Часть 4. Стадии принятия
26 мая 2022 г. в 08:52
А потом был Юрий Степанович, ну вот где ещё бродят Степаны? Серьёзно. Мужик, судя по голосу, очень уверенный в себе и своём деле, но от него исходило такое спокойствие и аура понимания, что мы прекрасно проводили время. Сначала в тишине, а потом я начал рассказывать.
Обо всем, что крутилось в моей голове: о детстве и страхе темноты, что было самым болезненным, о несправедливой участи, бесконечной темноте вокруг и страхе, что я теперь бесполезен. Я выговаривался и рыдал. Это была моя стадия гнева…

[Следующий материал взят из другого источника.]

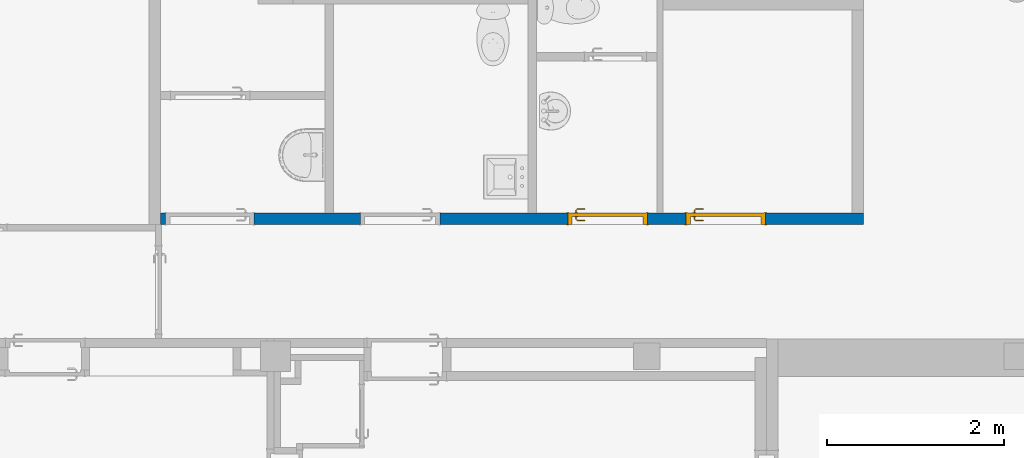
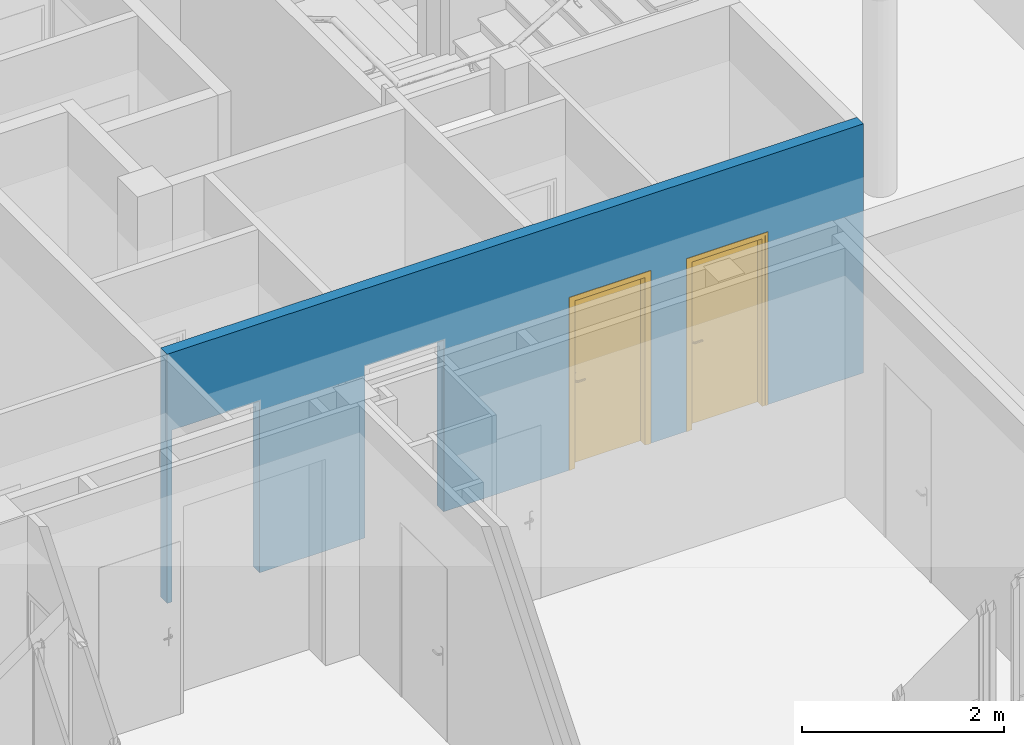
# One storey, part 63 of 97: 2 doors, 1 wall, 4 openings.
"""IFC4 building model written with IfcOpenShell, lengths in metres."""

from ifc_helpers import new_model, entity, si_unit, converted_unit, derived_unit, direction, frame, origin, place, context, subcontext, project, spatial, indexed_curve, outline, extrude, polygons, source, transform, mapped, material, material_list, layer, layer_set, constituent, constituent_set, type_object, type_shapes, element, fill, save


model = new_model("IFC4")

# Units and contexts
model_context = context("Model", 3, precision=1e-05, world=origin(), true_north=direction((6.12303176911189e-17, 1.0)))
body_context = subcontext(model_context, "Body", "Model", "MODEL_VIEW")
ifc_project = project(units=[si_unit("LENGTHUNIT", "METRE"), si_unit("AREAUNIT", "SQUARE_METRE"), si_unit("VOLUMEUNIT", "CUBIC_METRE"), converted_unit("PLANEANGLEUNIT", "DEGREE", entity("IfcRatioMeasure", 0.0174532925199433), si_unit("PLANEANGLEUNIT", "RADIAN"), dimensions=[0, 0, 0, 0, 0, 0, 0]), si_unit("MASSUNIT", "GRAM", prefix="KILO"), derived_unit("MASSDENSITYUNIT", [(si_unit("MASSUNIT", "GRAM", prefix="KILO"), 1), (si_unit("LENGTHUNIT", "METRE"), -3)]), derived_unit("MOMENTOFINERTIAUNIT", [(si_unit("LENGTHUNIT", "METRE"), 4)]), si_unit("TIMEUNIT", "SECOND"), si_unit("FREQUENCYUNIT", "HERTZ"), si_unit("THERMODYNAMICTEMPERATUREUNIT", "DEGREE_CELSIUS"), derived_unit("THERMALTRANSMITTANCEUNIT", [(si_unit("MASSUNIT", "GRAM", prefix="KILO"), 1), (si_unit("THERMODYNAMICTEMPERATUREUNIT", "KELVIN"), -1), (si_unit("TIMEUNIT", "SECOND"), -3)]), derived_unit("VOLUMETRICFLOWRATEUNIT", [(si_unit("LENGTHUNIT", "METRE"), 3), (si_unit("TIMEUNIT", "SECOND"), -1)]), si_unit("ELECTRICCURRENTUNIT", "AMPERE"), si_unit("ELECTRICVOLTAGEUNIT", "VOLT"), si_unit("POWERUNIT", "WATT"), si_unit("FORCEUNIT", "NEWTON", prefix="KILO"), si_unit("ILLUMINANCEUNIT", "LUX"), si_unit("LUMINOUSFLUXUNIT", "LUMEN"), si_unit("LUMINOUSINTENSITYUNIT", "CANDELA"), derived_unit("USERDEFINED", [(si_unit("MASSUNIT", "GRAM", prefix="KILO"), -1), (si_unit("LENGTHUNIT", "METRE"), -2), (si_unit("TIMEUNIT", "SECOND"), 3), (si_unit("LUMINOUSFLUXUNIT", "LUMEN"), 1)]), derived_unit("LINEARVELOCITYUNIT", [(si_unit("LENGTHUNIT", "METRE"), 1), (si_unit("TIMEUNIT", "SECOND"), -1)]), si_unit("PRESSUREUNIT", "PASCAL"), derived_unit("USERDEFINED", [(si_unit("LENGTHUNIT", "METRE"), -2), (si_unit("MASSUNIT", "GRAM", prefix="KILO"), 1), (si_unit("TIMEUNIT", "SECOND"), -2)]), derived_unit("LINEARFORCEUNIT", [(si_unit("MASSUNIT", "GRAM", prefix="KILO"), 1), (si_unit("LENGTHUNIT", "METRE"), 1), (si_unit("TIMEUNIT", "SECOND"), -2), (si_unit("LENGTHUNIT", "METRE"), -1)]), derived_unit("PLANARFORCEUNIT", [(si_unit("MASSUNIT", "GRAM", prefix="KILO"), 1), (si_unit("LENGTHUNIT", "METRE"), 1), (si_unit("TIMEUNIT", "SECOND"), -2), (si_unit("LENGTHUNIT", "METRE"), -2)])], contexts=[model_context])

# Site, building, storey
site_placement = place(None, origin())
site = spatial("IfcSite", under=ifc_project, at=site_placement, Name="Default", CompositionType="ELEMENT")
building_placement = place(site_placement, origin())
building = spatial("IfcBuilding", under=site, at=building_placement, Name="HOTEL CONSULAIRE BOULOGNE SUR MER", CompositionType="ELEMENT")
storey_placement = place(building_placement, frame((0.0, 0.0, 3.62152697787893)))
storey = spatial("IfcBuildingStorey", under=building, at=storey_placement, Name="Niveau 1", CompositionType="ELEMENT", Elevation=3.62152697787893)

# Wall, openings, doors
ifc_material_1 = material(Name="Mur par défaut", Category="Divers")
ifc_layer = layer(ifc_material_1, 0.13, Name="Mur par défaut", Category="Divers")
ifc_layer_set = layer_set([ifc_layer], Name="Mur de base:Générique - Int. 130 mm")
wall_type = type_object("IfcWallType", Name="Mur de base:Générique - Int. 130 mm", PredefinedType="NOTDEFINED", material=ifc_layer_set)
wall_placement = place(storey_placement, frame((5.42705530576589, -22.4600276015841, 0.0), z_axis=(0.0, 0.0, 1.0), x_axis=(-1.0, 0.0, 0.0)))
wall = element("IfcWall", 1, at=wall_placement, inside=storey, type_object=wall_type, material=ifc_layer_set, Name="Mur de base:Générique - Int. 130 mm", ObjectType="Mur de base:Générique - Int. 130 mm", PredefinedType="NOTDEFINED", context=body_context, shape_type="Tessellation", body=[
    polygons([(7.95758399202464, -0.0650000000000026, 0.0), (7.90058399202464, -0.0649999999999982, 0.0), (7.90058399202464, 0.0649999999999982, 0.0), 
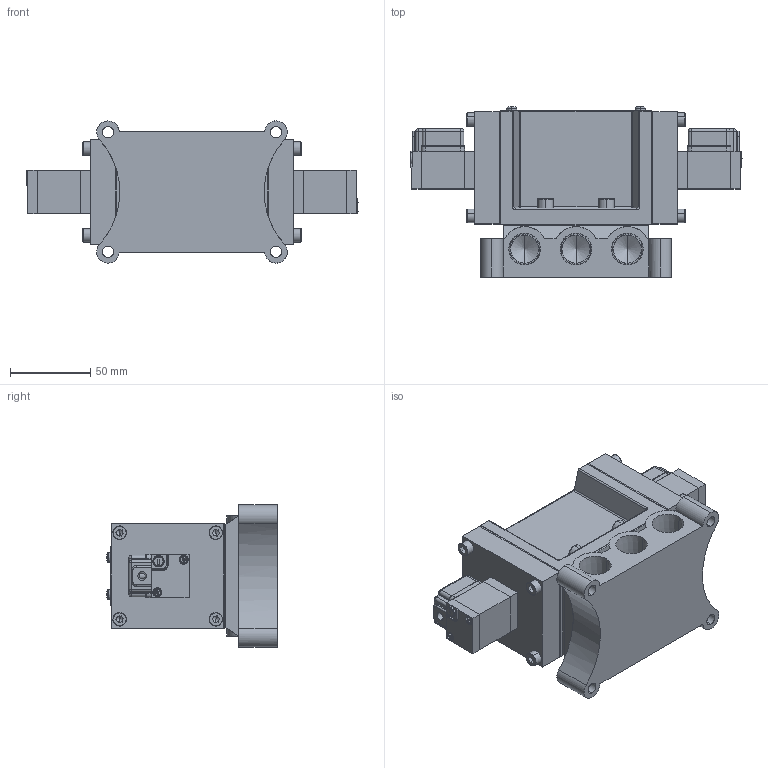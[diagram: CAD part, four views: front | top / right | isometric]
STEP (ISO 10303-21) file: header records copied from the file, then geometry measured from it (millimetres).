
FILE_DESCRIPTION (( 'STEP AP203' ), '1' );
FILE_NAME ('PMD2410#-04-#G#.STEP', '2016-03-09T06:27:46', ( 'Sam Lin' ), ( '' ), 'SwSTEP 2.0', 'SolidWorks 2013', '' );
FILE_SCHEMA (( 'CONFIG_CONTROL_DESIGN' ));
Length unit declared in the file: metre
Products named in the file (17): PM06-G1; PM10-MARK-2410; PMD2410#-04-#G#; PMS2410-7; PMS2410-1; PMS2410-8; PMS2410-2; PMS2410-6(04); PMS2410-3; PM06-C1_1; PMS2410-4; PM06-C4_1; ISO 4762 M5 x 20; PM06-C6-M3_1; PM06-C3-M4_1; PM06-C5_1; ISO 4762 M6 x 20
Assembly tree (39 placements, depth 2):
  PMD2410#-04-#G#
    PMS2410-1
    PMS2410-2
    PMS2410-3  x2
    PMS2410-4  x2
    ISO 4762 M5 x 20  x8
    PM06-C3-M4_1  x4
    ISO 4762 M6 x 20  x4
    PM10-MARK-2410
    PMS2410-7
    PMS2410-8  x2
    PMS2410-6(04)
    PM06-C1_1  x2
    PM06-C4_1  x2
    PM06-C6-M3_1  x4
    PM06-C5_1  x2
    PM06-G1  x2
Bounding box: 207 x 106.35 x 88.61 mm (x, y, z)
Volume: 731775 mm3; surface area: 174306.4 mm2
Topology: 45 solids, 45 shells, 1122 faces, 2667 edges, 1639 vertices
Faces by surface type: plane 574, cylinder 262, cone 142, bspline 136, torus 8
Entity records: 20558 total; most frequent: CARTESIAN_POINT 6432, ORIENTED_EDGE 2420, DIRECTION 2385, EDGE_CURVE 1210, AXIS2_PLACEMENT_3D 860, VERTEX_POINT 773, LINE 665, VECTOR 665
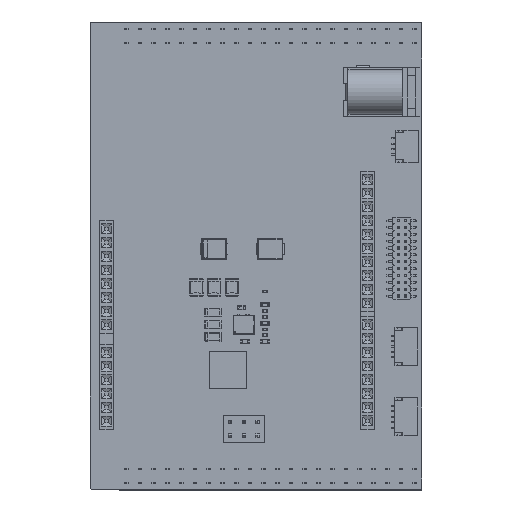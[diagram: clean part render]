
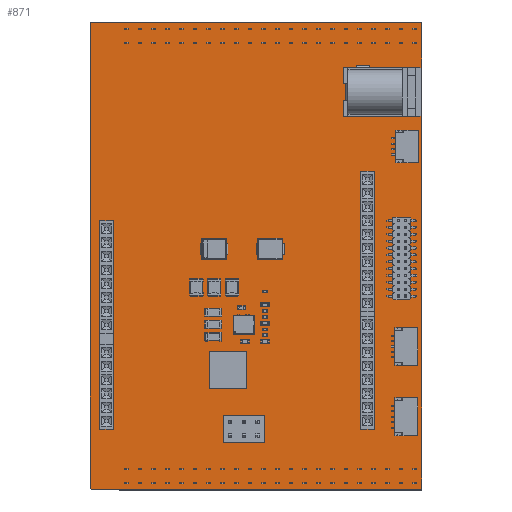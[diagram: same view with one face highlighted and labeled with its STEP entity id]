
A CAD part, top view. The second image highlights one B-rep face of the part: STEP entity #871.
In plain terms, the highlighted planar face has unit normal (0, 0, 1).
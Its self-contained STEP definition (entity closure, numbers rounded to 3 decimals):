
#172 = VERTEX_POINT('',#173);
#173 = CARTESIAN_POINT('',(0.493,0.,1.606)
  );
#179 = EDGE_CURVE('',#172,#180,#182,.T.);
#180 = VERTEX_POINT('',#181);
#181 = CARTESIAN_POINT('',(0.,0.5,1.606));
#182 = CIRCLE('',#183,0.498);
#183 = AXIS2_PLACEMENT_3D('',#184,#185,#186);
#184 = CARTESIAN_POINT('',(0.498,0.498,1.606));
#185 = DIRECTION('',(0.,0.,-1.));
#186 = DIRECTION('',(0.003,-1.,0.));
#214 = VERTEX_POINT('',#215);
#215 = CARTESIAN_POINT('',(0.5,0.,1.606));
#221 = EDGE_CURVE('',#214,#172,#222,.T.);
#222 = CIRCLE('',#223,0.498);
#223 = AXIS2_PLACEMENT_3D('',#224,#225,#226);
#224 = CARTESIAN_POINT('',(0.498,0.498,1.606));
#225 = DIRECTION('',(0.,0.,-1.));
#226 = DIRECTION('',(0.003,-1.,0.));
#247 = VERTEX_POINT('',#248);
#248 = CARTESIAN_POINT('',(60.776,0.,1.606));
#254 = EDGE_CURVE('',#247,#214,#255,.T.);
#255 = LINE('',#256,#257);
#256 = CARTESIAN_POINT('',(60.776,0.,1.606));
#257 = VECTOR('',#258,1.);
#258 = DIRECTION('',(-1.,0.,0.));
#278 = VERTEX_POINT('',#279);
#279 = CARTESIAN_POINT('',(60.78,0.,1.606
    ));
#285 = EDGE_CURVE('',#278,#247,#286,.T.);
#286 = CIRCLE('',#287,0.498);
#287 = AXIS2_PLACEMENT_3D('',#288,#289,#290);
#288 = CARTESIAN_POINT('',(60.778,0.498,1.606));
#289 = DIRECTION('',(0.,0.,-1.));
#290 = DIRECTION('',(1.,0.003,0.));
#311 = VERTEX_POINT('',#312);
#312 = CARTESIAN_POINT('',(61.276,0.499,1.606));
#318 = EDGE_CURVE('',#311,#278,#319,.T.);
#319 = CIRCLE('',#320,0.498);
#320 = AXIS2_PLACEMENT_3D('',#321,#322,#323);
#321 = CARTESIAN_POINT('',(60.778,0.498,1.606));
#322 = DIRECTION('',(0.,0.,-1.));
#323 = DIRECTION('',(1.,0.003,0.));
#344 = VERTEX_POINT('',#345);
#345 = CARTESIAN_POINT('',(61.276,0.5,1.606));
#351 = EDGE_CURVE('',#344,#311,#352,.T.);
#352 = CIRCLE('',#353,1.);
#353 = AXIS2_PLACEMENT_3D('',#354,#355,#356);
#354 = CARTESIAN_POINT('',(62.276,0.5,1.606));
#355 = DIRECTION('',(0.,0.,1.));
#356 = DIRECTION('',(-1.,0.,-0.));
#377 = VERTEX_POINT('',#378);
#378 = CARTESIAN_POINT('',(61.276,13.,1.606));
#384 = EDGE_CURVE('',#377,#344,#385,.T.);
#385 = LINE('',#386,#387);
#386 = CARTESIAN_POINT('',(61.276,13.,1.606));
#387 = VECTOR('',#388,1.);
#388 = DIRECTION('',(0.,-1.,0.));
#408 = VERTEX_POINT('',#409);
#409 = CARTESIAN_POINT('',(61.276,13.01,1.606));
#415 = EDGE_CURVE('',#408,#377,#416,.T.);
#416 = CIRCLE('',#417,1.);
#417 = AXIS2_PLACEMENT_3D('',#418,#419,#420);
#418 = CARTESIAN_POINT('',(62.276,13.,1.606));
#419 = DIRECTION('',(0.,0.,1.));
#420 = DIRECTION('',(1.,0.,0.));
#441 = VERTEX_POINT('',#442);
#442 = CARTESIAN_POINT('',(61.276,17.991,1.606));
#448 = EDGE_CURVE('',#441,#408,#449,.T.);
#449 = LINE('',#450,#451);
#450 = CARTESIAN_POINT('',(61.276,86.,1.606));
#451 = VECTOR('',#452,1.);
#452 = DIRECTION('',(0.,-1.,0.));
#472 = VERTEX_POINT('',#473);
#473 = CARTESIAN_POINT('',(61.276,18.,1.606));
#479 = EDGE_CURVE('',#472,#441,#480,.T.);
#480 = CIRCLE('',#481,1.);
#481 = AXIS2_PLACEMENT_3D('',#482,#483,#484);
#482 = CARTESIAN_POINT('',(62.276,18.,1.606));
#483 = DIRECTION('',(0.,0.,1.));
#484 = DIRECTION('',(-1.,0.,0.));
#505 = VERTEX_POINT('',#506);
#506 = CARTESIAN_POINT('',(61.276,68.5,1.606));
#512 = EDGE_CURVE('',#505,#472,#513,.T.);
#513 = LINE('',#514,#515);
#514 = CARTESIAN_POINT('',(61.276,68.5,1.606));
#515 = VECTOR('',#516,1.);
#516 = DIRECTION('',(0.,-1.,0.));
#536 = VERTEX_POINT('',#537);
#537 = CARTESIAN_POINT('',(61.276,68.508,1.606));
#543 = EDGE_CURVE('',#536,#505,#544,.T.);
#544 = CIRCLE('',#545,1.);
#545 = AXIS2_PLACEMENT_3D('',#546,#547,#548);
#546 = CARTESIAN_POINT('',(62.276,68.5,1.606));
#547 = DIRECTION('',(0.,0.,1.));
#548 = DIRECTION('',(1.,0.,0.));
#569 = VERTEX_POINT('',#570);
#570 = CARTESIAN_POINT('',(61.276,73.49,1.606));
#576 = EDGE_CURVE('',#569,#536,#577,.T.);
#577 = LINE('',#578,#579);
#578 = CARTESIAN_POINT('',(61.276,86.,1.606));
#579 = VECTOR('',#580,1.);
#580 = DIRECTION('',(0.,-1.,0.));
#600 = VERTEX_POINT('',#601);
#601 = CARTESIAN_POINT('',(61.276,73.5,1.606));
#607 = EDGE_CURVE('',#600,#569,#608,.T.);
#608 = CIRCLE('',#609,1.);
#609 = AXIS2_PLACEMENT_3D('',#610,#611,#612);
#610 = CARTESIAN_POINT('',(62.276,73.5,1.606));
#611 = DIRECTION('',(0.,0.,1.));
#612 = DIRECTION('',(-1.,0.,-0.));
#633 = VERTEX_POINT('',#634);
#634 = CARTESIAN_POINT('',(61.276,86.,1.606));
#640 = EDGE_CURVE('',#633,#600,#641,.T.);
#641 = LINE('',#642,#643);
#642 = CARTESIAN_POINT('',(61.276,86.,1.606));
#643 = VECTOR('',#644,1.);
#644 = DIRECTION('',(0.,-1.,0.));
#664 = VERTEX_POINT('',#665);
#665 = CARTESIAN_POINT('',(60.798,86.5,1.606));
#671 = EDGE_CURVE('',#664,#633,#672,.T.);
#672 = CIRCLE('',#673,0.498);
#673 = AXIS2_PLACEMENT_3D('',#674,#675,#676);
#674 = CARTESIAN_POINT('',(60.778,86.002,1.606));
#675 = DIRECTION('',(0.,0.,-1.));
#676 = DIRECTION('',(-0.003,1.,0.));
#697 = VERTEX_POINT('',#698);
#698 = CARTESIAN_POINT('',(60.776,86.5,1.606));
#704 = EDGE_CURVE('',#697,#664,#705,.T.);
#705 = CIRCLE('',#706,0.498);
#706 = AXIS2_PLACEMENT_3D('',#707,#708,#709);
#707 = CARTESIAN_POINT('',(60.778,86.002,1.606));
#708 = DIRECTION('',(0.,0.,-1.));
#709 = DIRECTION('',(-0.003,1.,0.));
#730 = VERTEX_POINT('',#731);
#731 = CARTESIAN_POINT('',(0.5,86.5,1.606));
#737 = EDGE_CURVE('',#730,#697,#738,.T.);
#738 = LINE('',#739,#740);
#739 = CARTESIAN_POINT('',(0.5,86.5,1.606));
#740 = VECTOR('',#741,1.);
#741 = DIRECTION('',(1.,0.,0.));
#761 = VERTEX_POINT('',#762);
#762 = CARTESIAN_POINT('',(0.488,86.5,1.606));
#768 = EDGE_CURVE('',#761,#730,#769,.T.);
#769 = CIRCLE('',#770,0.498);
#770 = AXIS2_PLACEMENT_3D('',#771,#772,#773);
#771 = CARTESIAN_POINT('',(0.498,86.002,1.606));
#772 = DIRECTION('',(0.,0.,-1.));
#773 = DIRECTION('',(-1.,-0.003,-0.));
#794 = VERTEX_POINT('',#795);
#795 = CARTESIAN_POINT('',(0.,86.,
    1.606));
#801 = EDGE_CURVE('',#794,#761,#802,.T.);
#802 = CIRCLE('',#803,0.498);
#803 = AXIS2_PLACEMENT_3D('',#804,#805,#806);
#804 = CARTESIAN_POINT('',(0.498,86.002,1.606));
#805 = DIRECTION('',(0.,0.,-1.));
#806 = DIRECTION('',(-1.,-0.003,-0.));
#825 = EDGE_CURVE('',#180,#794,#826,.T.);
#826 = LINE('',#827,#828);
#827 = CARTESIAN_POINT('',(0.,0.5,1.606));
#828 = VECTOR('',#829,1.);
#829 = DIRECTION('',(0.,1.,0.));
#871 = ADVANCED_FACE('',(#872),#895,.F.);
#872 = FACE_BOUND('',#873,.F.);
#873 = EDGE_LOOP('',(#874,#875,#876,#877,#878,#879,#880,#881,#882,#883,
    #884,#885,#886,#887,#888,#889,#890,#891,#892,#893,#894));
#874 = ORIENTED_EDGE('',*,*,#179,.T.);
#875 = ORIENTED_EDGE('',*,*,#825,.T.);
#876 = ORIENTED_EDGE('',*,*,#801,.T.);
#877 = ORIENTED_EDGE('',*,*,#768,.T.);
#878 = ORIENTED_EDGE('',*,*,#737,.T.);
#879 = ORIENTED_EDGE('',*,*,#704,.T.);
#880 = ORIENTED_EDGE('',*,*,#671,.T.);
#881 = ORIENTED_EDGE('',*,*,#640,.T.);
#882 = ORIENTED_EDGE('',*,*,#607,.T.);
#883 = ORIENTED_EDGE('',*,*,#576,.T.);
#884 = ORIENTED_EDGE('',*,*,#543,.T.);
#885 = ORIENTED_EDGE('',*,*,#512,.T.);
#886 = ORIENTED_EDGE('',*,*,#479,.T.);
#887 = ORIENTED_EDGE('',*,*,#448,.T.);
#888 = ORIENTED_EDGE('',*,*,#415,.T.);
#889 = ORIENTED_EDGE('',*,*,#384,.T.);
#890 = ORIENTED_EDGE('',*,*,#351,.T.);
#891 = ORIENTED_EDGE('',*,*,#318,.T.);
#892 = ORIENTED_EDGE('',*,*,#285,.T.);
#893 = ORIENTED_EDGE('',*,*,#254,.T.);
#894 = ORIENTED_EDGE('',*,*,#221,.T.);
#895 = PLANE('',#896);
#896 = AXIS2_PLACEMENT_3D('',#897,#898,#899);
#897 = CARTESIAN_POINT('',(30.638,43.25,1.606));
#898 = DIRECTION('',(-0.,-0.,-1.));
#899 = DIRECTION('',(-1.,0.,0.));

Я отлично ориентировался в квартире, почти без ошибок занимаясь элементарными действиями. Походы в ванну и туалет, завтрак — хотя справляться с едой не видя её на тарелке тоже оказалось сложно. Стася с первого дня заставила меня носить тапочки — чтобы цепляясь за что-то я, ни дай всевышний, не поранился.
Вот так и проходили дни, в ощущении бесполезности и отчаяния которое я выплескивал на всех, кто был рядом. На вечно мельтешащую где-то рядом мать. На Марка, который действительно чем-то увлекался и очень много общался с коллегами из заграницы. На Юрия Степаныча, который помог пройти стадию торга и не тонуть в депрессии. На Стасю, которая из всех людей была самой жизнерадостной.
Она мне нравилась. Сильнее чем я этого хотел, но было стыдно, я не мог сказать ей об этом будучи беспомощным инвалидом. Девушка учила меня заниматься с тростью, ходить по улице и по звукам определять где мы и что мы. Тогда я попросился в отдаленный парк. Было стыдно надевать одежду которую не видишь, но и мать и Стася в этом помогали.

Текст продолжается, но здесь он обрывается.